德叔哪裡受得了這等掌力!
身子直如被車撞擊,直挺挺地往前飛了出去,這一飛,足足有三丈多遠!
我和池農飛奔向前,我嚇得膽顫心驚,生怕這剛剛才復生的德叔,又被六叔給一掌拍死了!
可是沒想到的是,我和池農還沒有奔到德叔身前,德叔就“蹭”的一聲,從地上彈跳起來,扭轉身,惡狠狠地看向我們!
我和池農都呆住了,也不再往前走了剛才陳弘義的那一記塌山手的掌力,任誰都可以看得出來,絕非是血肉之軀所能阻擋的!
可是德叔分明是一點事兒也沒有!
對了!
我猛然間恍然大悟,現在的德叔根本就不是血肉之軀!
他的身子是泥土做的!
是用移魂煉魄術給煉化出來的!
第十二章 土生土長
德叔彈跳起來,臉上的戾氣更甚,一雙眼睛也變得赤紅如血,兩道目光掃來,就彷彿是兩柄利劍,直刺肉裡!
“嗬嗬!”
德叔口中嗚咽不清的叫著,又伸出了兩條胳膊,十指箕張,朝站在最前面的我惡狠狠撲來!
“德叔!”
我站著沒有動,而是大聲叫道:“是我!我是錚子!”
德叔的眼中寒芒一閃,戾氣似乎是消退了一些,但手,還是往我這邊抓來!
“蠢貨!他已經不是德叔了!”
站在我身旁的池農罵我了一聲,然後左手探出,一把把我給拽開,右手一揮,一片藥粉輕飄飄的落下,與此同時,池農指間已經捏出了三根亮閃閃的銀針,朝著德叔胸口急刺而去!
那股藥粉灑在德叔臉上,讓德叔遲疑了一下,就是這一遲疑,池農的銀針準確無誤地紮在了德叔胸前!
池農是想封住德叔的穴道,不讓德叔再動!
但是,那些銀針在頃刻間卻全都彎了下去,折彎了下去!它們根本就刺不進去!
不但刺不進去,而且三根銀針還在漸漸變黑!
從針頭到針尾,變得烏黑!
池農的臉色變了!
德叔本人也似被池農刺激到了一樣,剛才還略略平靜了些,被這三根銀針一刺激,重新又變得癲狂起來!
“嗬、嗬!”
德叔瘋狂的聲音在喉間嘶吼著,他奮力頂著胸前的銀針,兩隻血紅的眼睛睜的又大又圓,整個身體直挺挺地往前,兩隻手狠命地朝池農腦袋兩側的太陽穴拍去!

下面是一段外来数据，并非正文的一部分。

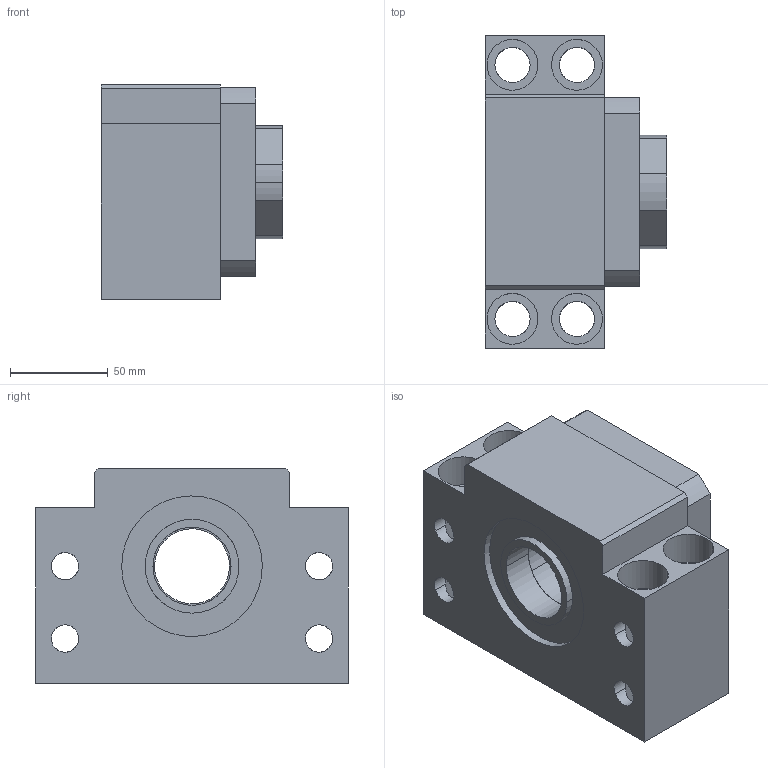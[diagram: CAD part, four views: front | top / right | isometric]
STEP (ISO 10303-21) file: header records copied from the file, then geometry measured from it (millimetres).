
FILE_DESCRIPTION(('CATIA V5 STEP Exchange'),'2;1');
FILE_NAME('D:\서포트 완성도면\BK\BK40.stp','2014-02-10T10:34:22+00:00',('none'),('none'),'CATIA Version 5 Release 18 GA (IN-10)','CATIA V5 STEP AP203','none');
FILE_SCHEMA(('CONFIG_CONTROL_DESIGN'));
Length unit declared in the file: millimetre
Products named in the file (1): BK40
Assembly tree (4 placements, depth 2):
  BK40
    #56
    #3439  x2
    #3626
Bounding box: 93 x 160 x 110 mm (x, y, z)
Volume: 922614 mm3; surface area: 124886 mm2
Topology: 4 solids, 4 shells, 105 faces, 314 edges, 210 vertices
Faces by surface type: cylinder 70, plane 35
Entity records: 4023 total; most frequent: CARTESIAN_POINT 1444, ORIENTED_EDGE 604, DIRECTION 358, EDGE_CURVE 302, VERTEX_POINT 202, AXIS2_PLACEMENT_3D 160, VECTOR 138, LINE 138

池農大吃一驚,急忙撒手,撤回了銀針,但是那銀針上的黑氣仍然在蔓延,頃刻間,就有整根都變黑的跡象!
“快丟了銀針!”
陳弘義趕了上來,大喝一聲:“那祟氣能入體!”
池農急忙丟了銀針,而德叔的速度比池農快得多,往前只一撲,便趕到了池農眼前,一招黑虎掏心,手握利爪直穿池農心窩!
虧得陳弘義趕得及時,一招撕雲裂,長腿撕裂空氣,在呼嘯聲中直踹德叔腰窩,一擊而中!
“咔!”
一聲脆響,就像是骨頭斷裂的聲音!
陳弘義這一招勢大力沉,德叔本來就不是陳弘義的對手,這一下踢了個正著,又是悲嚎著飛了出去!
我在一旁心猛然一揪,剛才那一聲“咔”的脆響,是什麼聲音?
德叔是沒有骨頭的?
難道是陳弘義硬碰硬,把自己的腿骨、腳骨給弄斷裂了?
我急忙去看陳弘義,卻見他安然無恙、渾然無事地朝著德叔緩緩走去。
而德叔的面目朝下,伏在草叢裡,喉嚨裡發出像野獸受傷一樣的痛苦聲音,掙扎著,卻沒有能再站起來!
是德叔受傷了!
“剛才用了六成力道,竟然一點效用都沒有。”陳弘義走到德叔身旁,從高往下俯視著德叔的後背,冷冷說道:“這次,我用了九成!說吧,你究竟是不是陳德?不說實話的話,下次可就是十成力道了!”
“六叔!”我跑過去一看,德叔腰間脫落了一大塊,露出了裡面似土非土,似泥非泥,似陶非陶的質地,我連忙道:“六叔手下留情啊,他真是德叔!”
陳弘義不買我的帳,道:“陳德身死,你我都是親眼所見的人!棺材埋在地下,也是你我操持的!死而復生,聞所未聞!就連神相也從來沒有做過這種事情!你讓我怎麼相信?”